* Problem to work on *
Word for word, give the records again, dropping any picture they hold.
*****
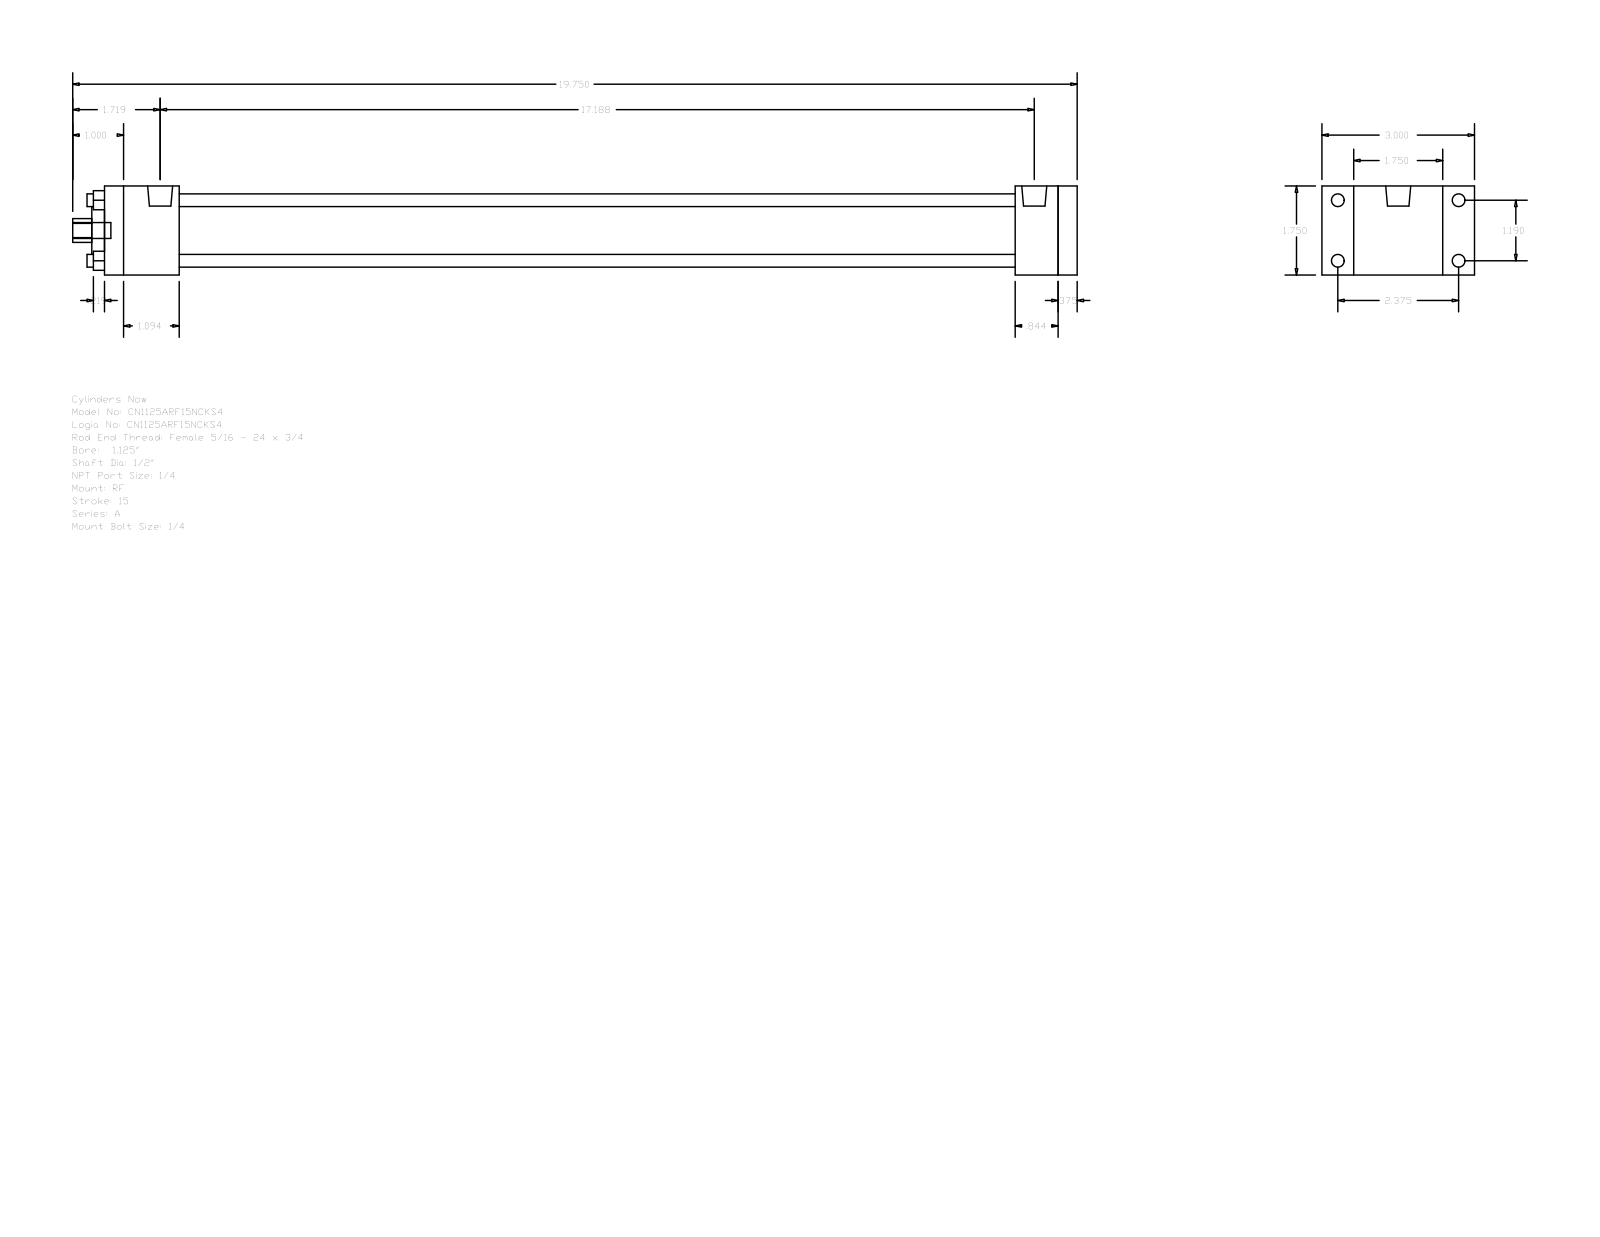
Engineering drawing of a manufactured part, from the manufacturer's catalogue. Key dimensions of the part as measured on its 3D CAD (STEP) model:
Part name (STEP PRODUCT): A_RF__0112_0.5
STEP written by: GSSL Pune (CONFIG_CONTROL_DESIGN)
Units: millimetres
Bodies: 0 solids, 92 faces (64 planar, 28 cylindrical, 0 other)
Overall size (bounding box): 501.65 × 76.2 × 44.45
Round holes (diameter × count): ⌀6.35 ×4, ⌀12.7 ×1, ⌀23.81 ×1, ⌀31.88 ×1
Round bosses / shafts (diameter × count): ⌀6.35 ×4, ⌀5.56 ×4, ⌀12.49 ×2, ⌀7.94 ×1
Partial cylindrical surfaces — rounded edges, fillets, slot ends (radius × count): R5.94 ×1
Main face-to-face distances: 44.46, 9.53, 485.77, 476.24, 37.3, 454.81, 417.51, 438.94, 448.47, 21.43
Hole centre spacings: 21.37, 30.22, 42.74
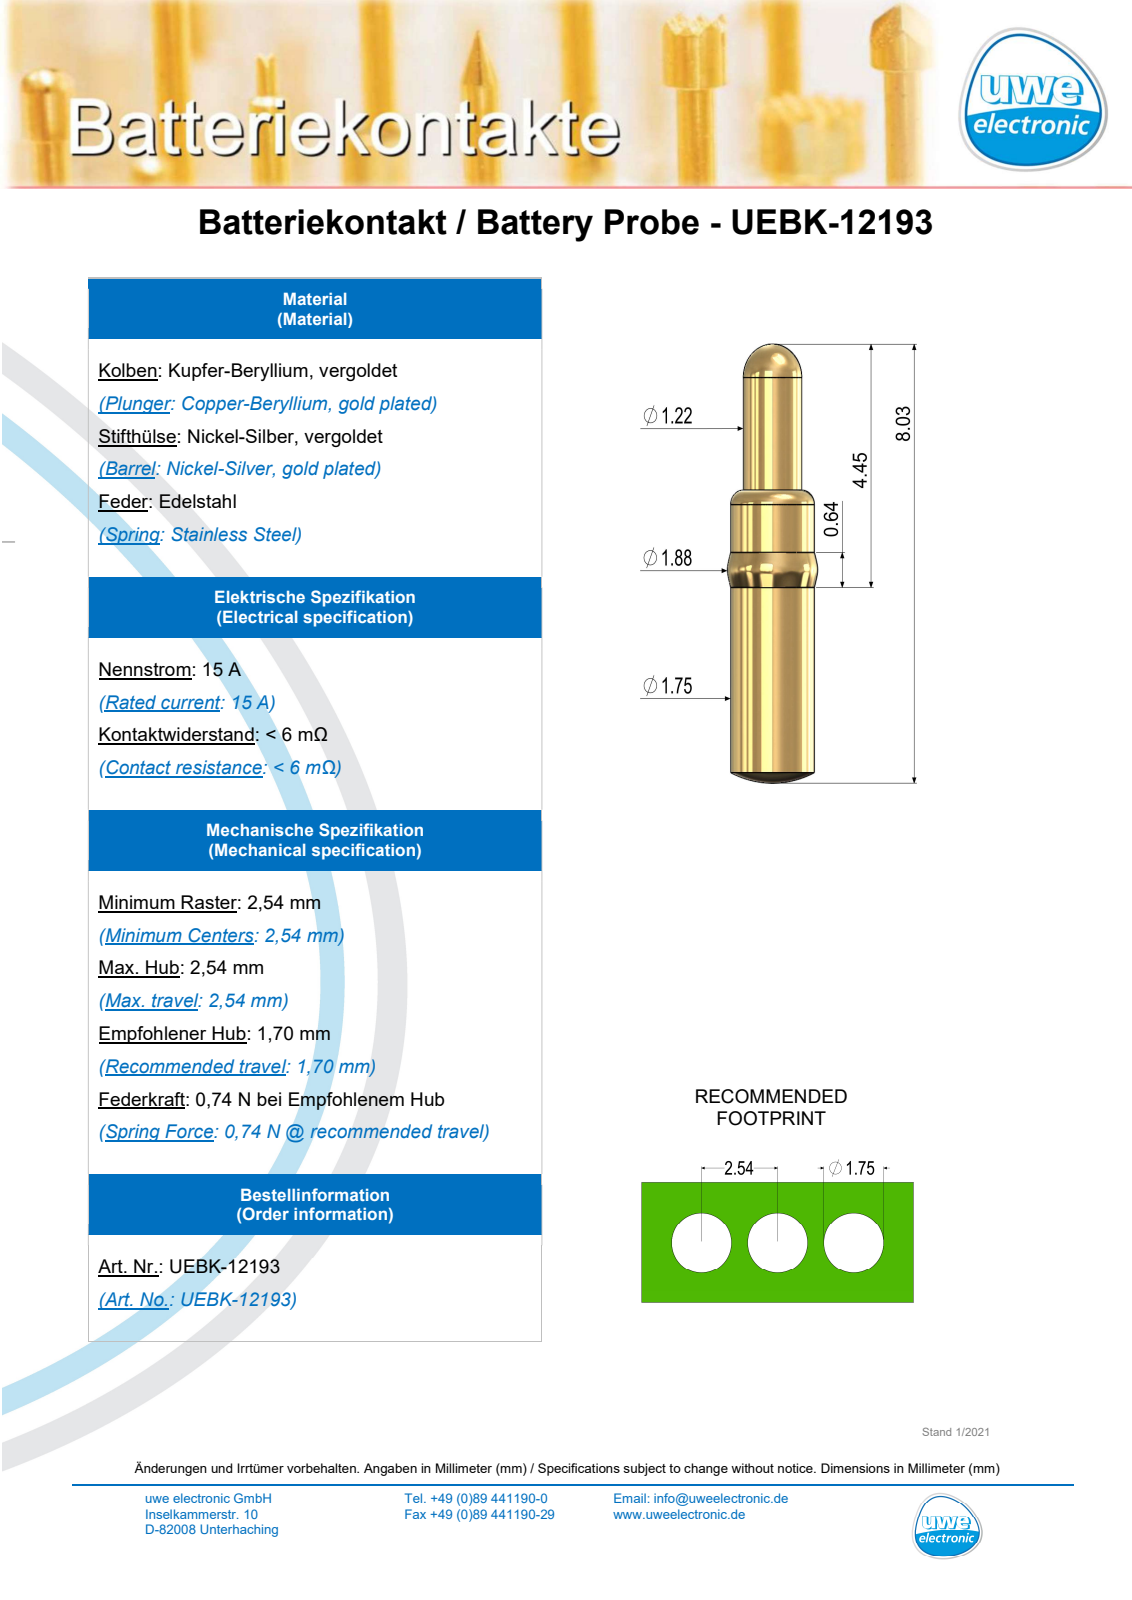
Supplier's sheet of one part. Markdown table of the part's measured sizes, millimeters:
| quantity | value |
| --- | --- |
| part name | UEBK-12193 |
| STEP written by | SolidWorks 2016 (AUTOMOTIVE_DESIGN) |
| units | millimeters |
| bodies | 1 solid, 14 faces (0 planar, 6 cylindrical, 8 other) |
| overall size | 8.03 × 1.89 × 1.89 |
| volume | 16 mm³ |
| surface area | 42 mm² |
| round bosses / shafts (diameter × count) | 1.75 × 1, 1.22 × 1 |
*****
* Completed task *
Engineering drawing of a manufactured part, from the manufacturer's catalogue. Key dimensions of the part as measured on its 3D CAD (STEP) model:
Part name (STEP PRODUCT): A_RF__0112_0.5
STEP written by: GSSL Pune (CONFIG_CONTROL_DESIGN)
Units: millimetres
Bodies: 0 solids, 92 faces (64 planar, 28 cylindrical, 0 other)
Overall size (bounding box): 501.65 × 76.2 × 44.45
Round holes (diameter × count): ⌀6.35 ×4, ⌀12.7 ×1, ⌀23.81 ×1, ⌀31.88 ×1
Round bosses / shafts (diameter × count): ⌀6.35 ×4, ⌀5.56 ×4, ⌀12.49 ×2, ⌀7.94 ×1
Partial cylindrical surfaces — rounded edges, fillets, slot ends (radius × count): R5.94 ×1
Main face-to-face distances: 44.46, 9.53, 485.77, 476.24, 37.3, 454.81, 417.51, 438.94, 448.47, 21.43
Hole centre spacings: 21.37, 30.22, 42.74
Supplier's sheet of one part. Markdown table of the part's measured sizes, millimeters:
| quantity | value |
| --- | --- |
| part name | UEBK-12193 |
| STEP written by | SolidWorks 2016 (AUTOMOTIVE_DESIGN) |
| units | millimeters |
| bodies | 1 solid, 14 faces (0 planar, 6 cylindrical, 8 other) |
| overall size | 8.03 × 1.89 × 1.89 |
| volume | 16 mm³ |
| surface area | 42 mm² |
| round bosses / shafts (diameter × count) | 1.75 × 1, 1.22 × 1 |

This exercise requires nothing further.